Теперь хочешь — не хочешь, благодаря В. Р. Мединскому нам придётся пересматривать многое в русской истории.

Миф и отношения народов

Правда и то, что исторические и политические мифы рождаются из бытовых, из литературных. Ничего нового! Невозможно отрицать, что мифы о России создавались начиная с XVI–XVII веков — в огромной степени усилиями путешественников в Россию или перебежчиков.

Эти мифы необязательно были чёрными, враждебными. Но они всегда были мифами — то есть большими или меньшими искажениями реальности.

От Барберини и Герберштейна в XVI веке до туристов XX века о России писали не то, чтобы уж полное враньё… Всё сложнее и тоньше. Писали удобную полуправду — то есть миф. Миф сочинялся даже не из каких-то негативных чувств. Просто каждый как понял — так и писал. Нормальнейшие записки путешественника, который в чужой стране редко так уж и всё понимает.

В результате что получается? Немцы в XVI–XVIII веках жили в лоскутной Священной Римской империи, состоявшей из сотен полунезависимых и независимых княжеств. Им централизованная Московия, потом Российская империя представлялась царством бюрократии и невероятного, нечеловеческого усиления всяческой власти.

Примерно так же виделась Россия полякам — у них шляхта жила в условиях анархии, которой позавидовал бы даже «батька» Махно. В конце концов, Махно мог сколько угодно называть себя анархистом, но создал-то он свирепое террористическое государство, в котором вольнодумие, говоря мягко, не поощрялось. А польский шляхтич РЕАЛЬНО имел право «вето» — то есть запрещения любого изданного королём закона, который лично ему не нравился. И имел право «рокоша» — то есть объявления войны своему собственному правительству. И между прочим, случаи рокошей бывали совершенно реально!

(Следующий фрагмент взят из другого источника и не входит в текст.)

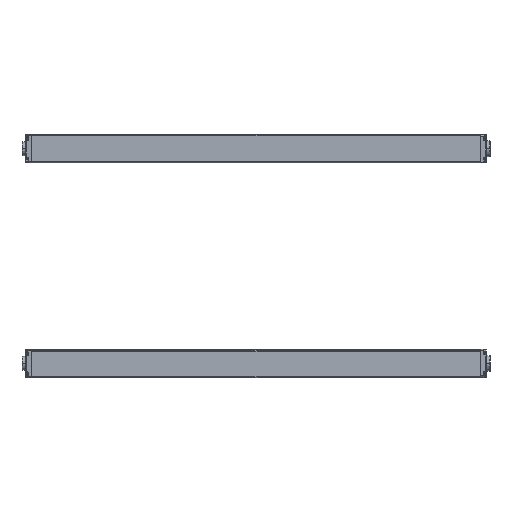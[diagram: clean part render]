
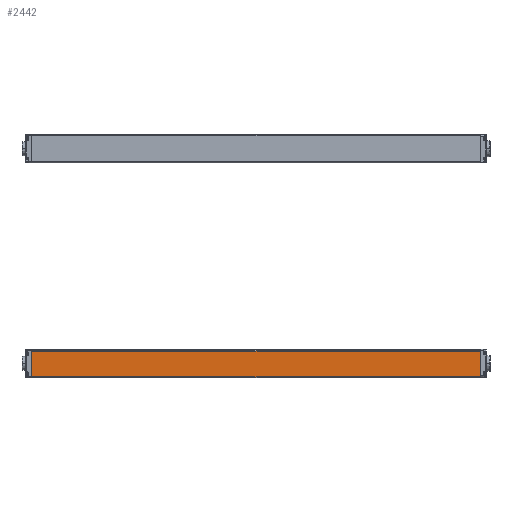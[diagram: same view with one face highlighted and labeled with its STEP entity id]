
A CAD part, left-side view. The second image highlights one B-rep face of the part: STEP entity #2442.
In plain terms, the highlighted planar face has unit normal (-1, 0, -0.009) as drawn and (1, 0, 0) by its records, which use the part's own axes.
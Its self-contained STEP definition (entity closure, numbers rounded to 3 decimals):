
#130 = EDGE_CURVE ( 'NONE', #8462, #12024, #5739, .T. ) ;
#1300 = DIRECTION ( 'NONE',  ( -1., 0., 0. ) ) ;
#1319 = VECTOR ( 'NONE', #7188, 1000. ) ;
#1619 = CARTESIAN_POINT ( 'NONE',  ( 15., 480., -16.9 ) ) ;
#2442 = ADVANCED_FACE ( 'NONE', ( #2662 ), #8231, .F. ) ;
#2448 = EDGE_CURVE ( 'NONE', #6036, #8462, #12426, .T. ) ;
#2662 = FACE_OUTER_BOUND ( 'NONE', #15854, .T. ) ;
#3573 = EDGE_CURVE ( 'NONE', #15966, #6036, #11580, .T. ) ;
#4603 = VECTOR ( 'NONE', #5474, 1000. ) ;
#4643 = DIRECTION ( 'NONE',  ( 0., -1., 0. ) ) ;
#4886 = ORIENTED_EDGE ( 'NONE', *, *, #7586, .F. ) ;
#5474 = DIRECTION ( 'NONE',  ( 0., 0., -1. ) ) ;
#5604 = ORIENTED_EDGE ( 'NONE', *, *, #2448, .T. ) ;
#5739 = LINE ( 'NONE', #11320, #6360 ) ;
#6036 = VERTEX_POINT ( 'NONE', #11192 ) ;
#6360 = VECTOR ( 'NONE', #16852, 1000. ) ;
#6859 = DIRECTION ( 'NONE',  ( 0., 0., 1. ) ) ;
#7188 = DIRECTION ( 'NONE',  ( 0., 0., -1. ) ) ;
#7586 = EDGE_CURVE ( 'NONE', #15966, #12024, #14108, .T. ) ;
#8231 = PLANE ( 'NONE',  #12476 ) ;
#8462 = VERTEX_POINT ( 'NONE', #13969 ) ;
#9079 = CARTESIAN_POINT ( 'NONE',  ( 15., 480., 10.9 ) ) ;
#9974 = ORIENTED_EDGE ( 'NONE', *, *, #3573, .T. ) ;
#10060 = ORIENTED_EDGE ( 'NONE', *, *, #130, .T. ) ;
#10337 = CARTESIAN_POINT ( 'NONE',  ( 15., 480., -16.693 ) ) ;
#11192 = CARTESIAN_POINT ( 'NONE',  ( 15., 0., 10.9 ) ) ;
#11320 = CARTESIAN_POINT ( 'NONE',  ( 15., 480., -16.693 ) ) ;
#11580 = LINE ( 'NONE', #17126, #14324 ) ;
#12024 = VERTEX_POINT ( 'NONE', #10337 ) ;
#12426 = LINE ( 'NONE', #17958, #4603 ) ;
#12476 = AXIS2_PLACEMENT_3D ( 'NONE', #13787, #1300, #6859 ) ;
#13787 = CARTESIAN_POINT ( 'NONE',  ( 15., 480., -16.9 ) ) ;
#13969 = CARTESIAN_POINT ( 'NONE',  ( 15., 0., -16.693 ) ) ;
#14108 = LINE ( 'NONE', #1619, #1319 ) ;
#14324 = VECTOR ( 'NONE', #4643, 1000. ) ;
#15854 = EDGE_LOOP ( 'NONE', ( #5604, #10060, #4886, #9974 ) ) ;
#15966 = VERTEX_POINT ( 'NONE', #9079 ) ;
#16852 = DIRECTION ( 'NONE',  ( 0., 1., 0. ) ) ;
#17126 = CARTESIAN_POINT ( 'NONE',  ( 15., 480., 10.9 ) ) ;
#17958 = CARTESIAN_POINT ( 'NONE',  ( 15., 0., -16.9 ) ) ;

Ни один боец Махно ни права вето, ни права на рокош, то есть объявления войны «батьке» Махно, не имел. А дворянская сверхмахновщина в Речи Посполитой — имела! Потому и Россия казалась польским шляхтичам какой-то нечеловеческой и жуткой государственной машиной, подавляющей человеческую личность.

А французам и англичанам Российская империя такой вовсе не казалась: они приезжали из государств, которые по уровню централизации вполне могли поспорить и с Россией. И в которых бюрократия, кстати, была побольше и посильнее русской. Королевская Франция XVIII века, «демократическая» Франция XIX века — это буквально десятки тысяч чиновников, целая армия, в сравнении с которой русское «царство столоначальников» кажется просто убогим.

Но французы и англичане нервно относились к тому, что права человека в России не гарантированы писаным законом. Что они гарантированы неписаным обычаем — просто не замечали, потому что у них ничего подобного не было. А вот что в законах что-то не прописано — видели очень хорошо, и возмущались по этому поводу.

Англичанина Флетчера ещё возмущала нерациональность русской культуры, отсутствие того, что он готов был считать просвещением. Для него то самого рациональное отношение к жизни было так же очевидно, как солнечный свет. Столкнувшись с совсем другой культурой, Флетчер весьма огорчался и вовсе не из политической необходимости и не из ненависти к русским сочинял откровенный миф. Он так видел и, в конце концов, имел полное право так видеть.

Сами по себе бытовые и литературные мифы — это не хорошо и не плохо… Это как жара летом и холод зимой — то есть если даже и неудобно, то нейтрально. И вообще мало ли кто и что пишет.